→ **Exercise aim**
Sort through the listing below and keep each line with the word "Lever". Copy those.
Extracted information section start
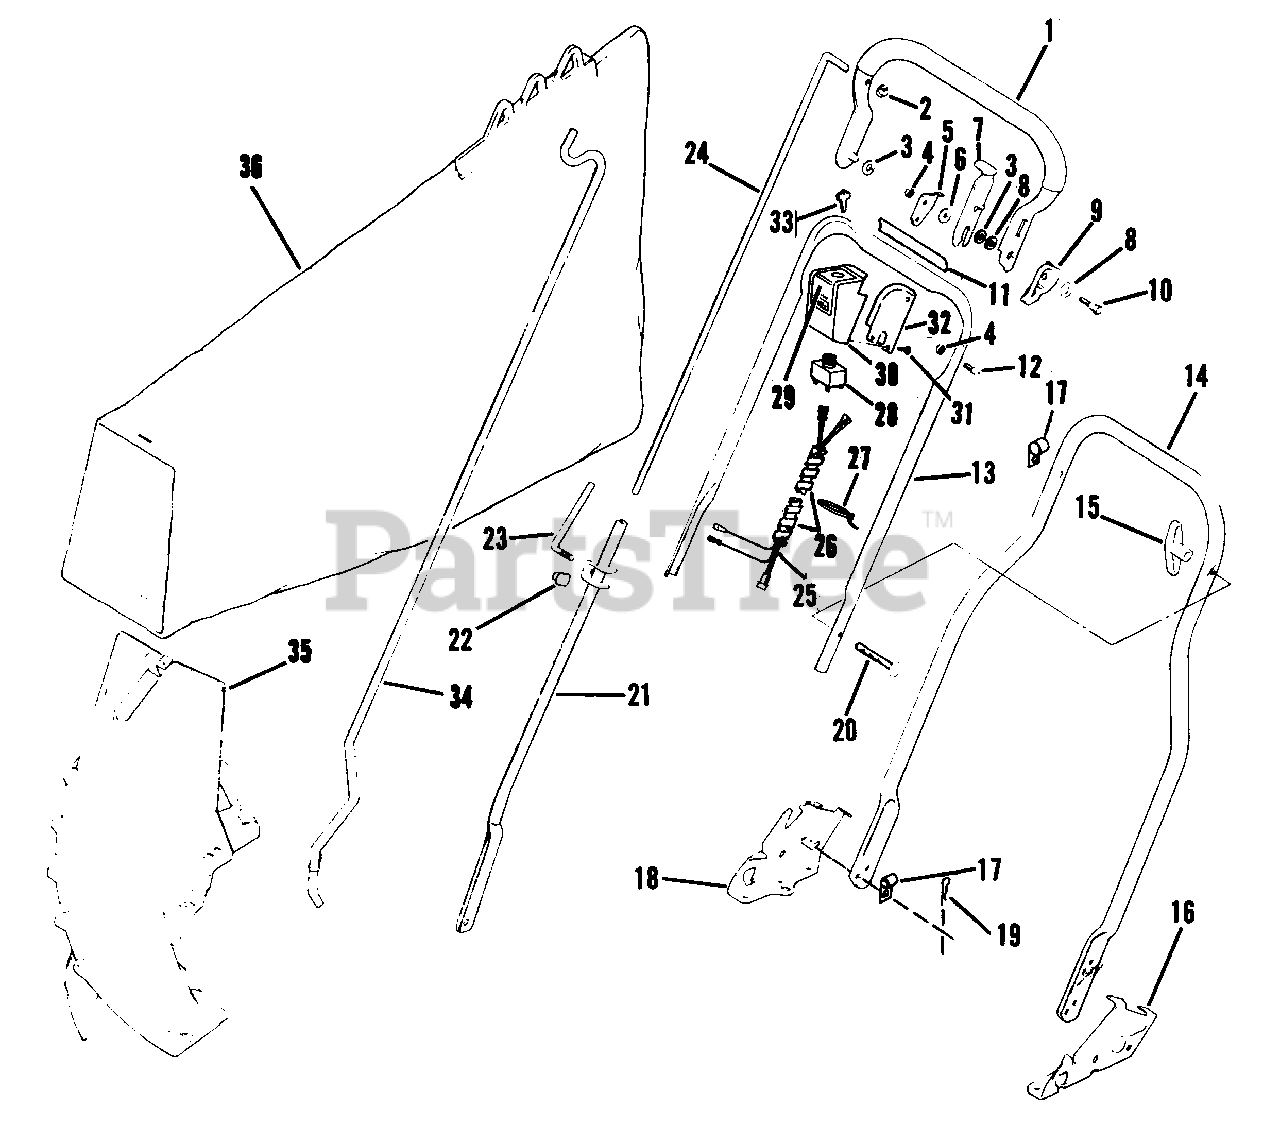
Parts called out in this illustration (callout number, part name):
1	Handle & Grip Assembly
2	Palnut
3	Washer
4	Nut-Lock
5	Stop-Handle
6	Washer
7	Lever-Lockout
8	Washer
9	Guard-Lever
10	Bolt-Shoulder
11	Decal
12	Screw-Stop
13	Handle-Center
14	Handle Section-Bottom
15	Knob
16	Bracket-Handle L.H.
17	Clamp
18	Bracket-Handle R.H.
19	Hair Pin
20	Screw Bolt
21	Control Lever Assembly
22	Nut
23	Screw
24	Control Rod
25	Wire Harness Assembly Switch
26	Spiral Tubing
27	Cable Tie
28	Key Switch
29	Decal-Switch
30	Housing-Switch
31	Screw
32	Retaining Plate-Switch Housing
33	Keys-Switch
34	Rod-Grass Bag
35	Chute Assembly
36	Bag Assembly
Extracted information section end
Extracted information section start
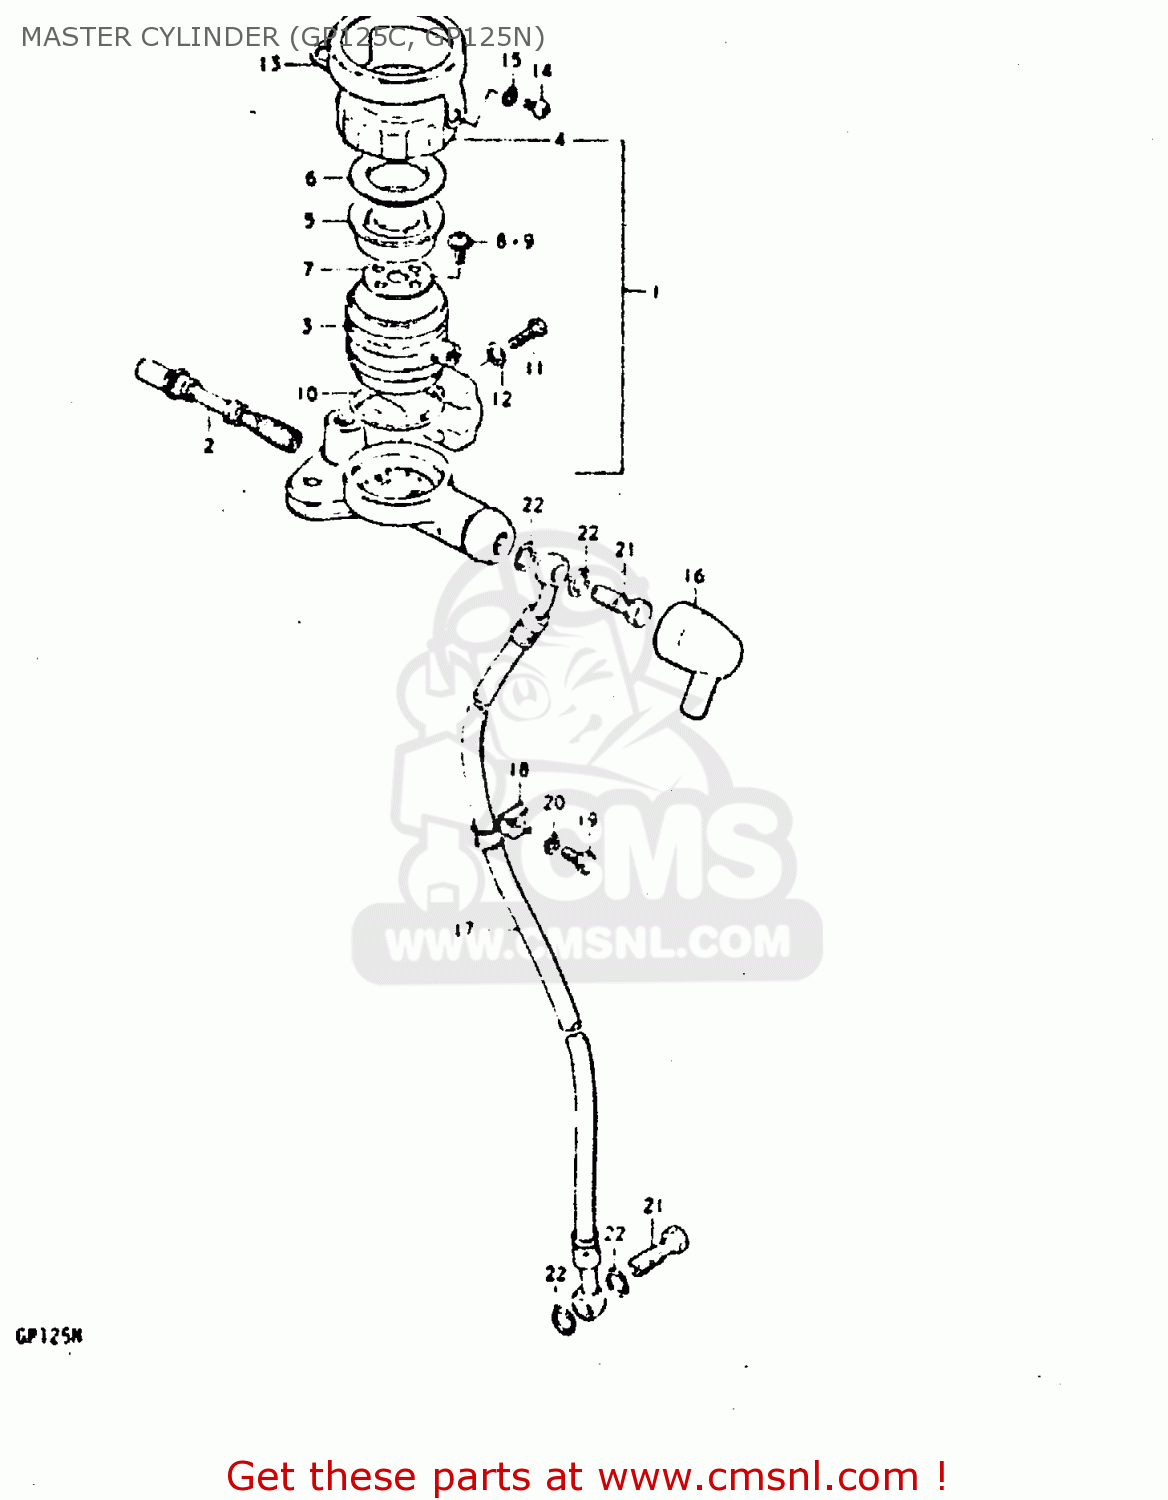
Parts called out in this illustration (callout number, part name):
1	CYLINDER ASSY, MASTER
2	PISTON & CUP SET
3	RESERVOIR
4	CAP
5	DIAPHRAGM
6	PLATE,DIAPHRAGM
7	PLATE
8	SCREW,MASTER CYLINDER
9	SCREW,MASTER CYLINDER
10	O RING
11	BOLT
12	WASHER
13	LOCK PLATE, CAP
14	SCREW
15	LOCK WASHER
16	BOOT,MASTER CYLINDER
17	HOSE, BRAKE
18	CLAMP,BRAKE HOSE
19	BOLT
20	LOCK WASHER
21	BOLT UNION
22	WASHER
Extracted information section end
→ **Exercise solution**
7	Lever-Lockout
9	Guard-Lever
21	Control Lever Assembly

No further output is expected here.